You can also pass compound search parameters for multiple indexes. The results are intersected to provide a result:
1 2 3 4 5 6 7 8 | from repoze.catalog.catalog import FileStorageCatalogFactory
from repoze.catalog.catalog import ConnectionManager
factory = FileStorageCatalogFactory('catalog.db', 'mycatalog')
manager = ConnectionManager()
catalog = factory(manager)
numdocs, results = catalog.search(flavors=('peach', 'peach'), texts='nutty')
print (numdocs, [ x for x in results ])
|
The results of the above search will return the following:
(0, [])
This is because no results in our index match a document which has both a flavor of peach and text which contains the word nutty.
See the zope.index documentation and implementation for more information about what specific index types expect for query parameters.

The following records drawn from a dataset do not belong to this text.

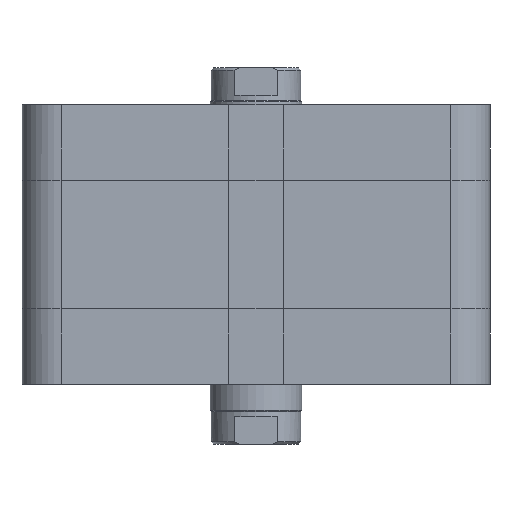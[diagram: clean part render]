
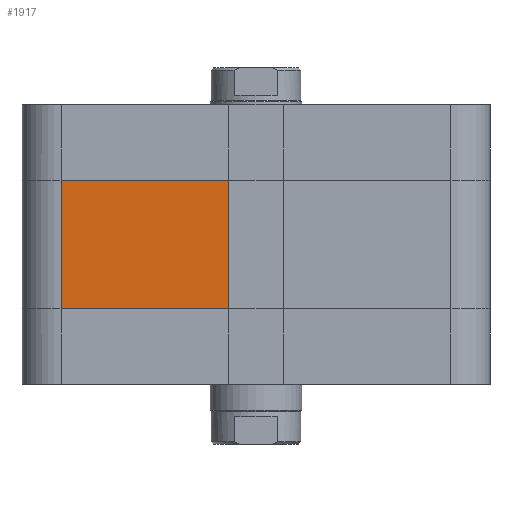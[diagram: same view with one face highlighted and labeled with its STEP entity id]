
A CAD part, front view. The second image highlights one B-rep face of the part: STEP entity #1917.
In plain terms, the highlighted planar face has unit normal (0, -1, 0).
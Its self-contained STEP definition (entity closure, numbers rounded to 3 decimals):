
#1828=CARTESIAN_POINT('',(-42.5,-51.,16.5));
#1829=VERTEX_POINT('',#1828);
#1837=CARTESIAN_POINT('',(-42.5,-51.,44.5));
#1838=VERTEX_POINT('',#1837);
#1839=CARTESIAN_POINT('',(-42.5,-51.,16.5));
#1840=DIRECTION('',(0.0,0.0,1.0));
#1841=VECTOR('',#1840,28.);
#1842=LINE('',#1839,#1841);
#1843=EDGE_CURVE('',#1829,#1838,#1842,.T.);
#1887=CARTESIAN_POINT('',(-6.,-51.0,0.0));
#1888=DIRECTION('',(0.0,-1.0,0.0));
#1889=DIRECTION('',(0.0,0.0,-1.0));
#1890=AXIS2_PLACEMENT_3D('',#1887,#1888,#1889);
#1891=PLANE('',#1890);
#1892=CARTESIAN_POINT('',(-6.,-51.0,16.5));
#1893=VERTEX_POINT('',#1892);
#1894=CARTESIAN_POINT('',(-42.5,-51.,16.5));
#1895=DIRECTION('',(1.0,0.0,0.0));
#1896=VECTOR('',#1895,36.5);
#1897=LINE('',#1894,#1896);
#1898=EDGE_CURVE('',#1829,#1893,#1897,.T.);
#1899=ORIENTED_EDGE('',*,*,#1898,.T.);
#1900=CARTESIAN_POINT('',(-6.,-51.0,44.5));
#1901=VERTEX_POINT('',#1900);
#1902=CARTESIAN_POINT('',(-6.,-51.0,16.5));
#1903=DIRECTION('',(0.0,0.0,1.0));
#1904=VECTOR('',#1903,28.);
#1905=LINE('',#1902,#1904);
#1906=EDGE_CURVE('',#1893,#1901,#1905,.T.);
#1907=ORIENTED_EDGE('',*,*,#1906,.T.);
#1908=CARTESIAN_POINT('',(-42.5,-51.,44.5));
#1909=DIRECTION('',(1.0,0.0,0.0));
#1910=VECTOR('',#1909,36.5);
#1911=LINE('',#1908,#1910);
#1912=EDGE_CURVE('',#1838,#1901,#1911,.T.);
#1913=ORIENTED_EDGE('',*,*,#1912,.F.);
#1914=ORIENTED_EDGE('',*,*,#1843,.F.);
#1915=EDGE_LOOP('',(#1899,#1907,#1913,#1914));
#1916=FACE_OUTER_BOUND('',#1915,.T.);
#1917=ADVANCED_FACE('',(#1916),#1891,.T.);

You can also use a field index as a sort_index, which sorts the document ids based on the values for that docid present in that index:
numdocs, results = catalog.search(flavors=('peach', 'pistachio'),
sort_index='flavors')
print (numdocs, [ x for x in results ])
(2, [1, 2])
The default sort order is ascending. You can reverse the sort using reverse:
numdocs, results = catalog.search(flavors=('peach', 'pistachio'),
sort_index='flavors',
reverse=True)
print (numdocs, [ x for x in results ])
(2, [2, 1])
If you use a sort index, you may choose to limit the number of results returned. Do this by passing limit with an integer value of the number of results you want. Note that this parameter has no effect if you do not supply a sort_index:
numdocs, results = catalog.search(flavors=('peach', 'pistachio'),
sort_index='flavors',
limit=1)
print (numdocs, [ x for x in results ])
(1, [1])
You may combine reverse and limit as necessary.
If a sort_index is used, and the sort index you’re using does not contain all the documents returned by the search, the numdocs value returned by search may be incorrect. There will be fewer results than those indicated by numdocs in this circumstance.
When querying a text index, to sort the results by relevance, specify the name of the text index as the sort index. The most relevant results will be provided first, unless you specify reverse=True, in which case the least relevant will be provided first.
An implementation of a “document map” suitable for ZODB applications exists within the repoze.bfg.document.DocumentMap class. A document map allows you to map document ids to “addresses” (e.g. paths or unique identifiers). See repoze.catalog.document in the API documentation chapter for more information.
Values indexed by a repoze.catalog catalog cannot subclass from the ZODB Persistent class. This is a safeguard to ensure that irresolveable cross-database references aren’t put into the catalog’s (separate) database.
When the ConnectionManager ‘s commit method is called, it will commit a transaction for all databases participating in Zope transaction management. Don’t use this method if you already have transaction management enabled in another way.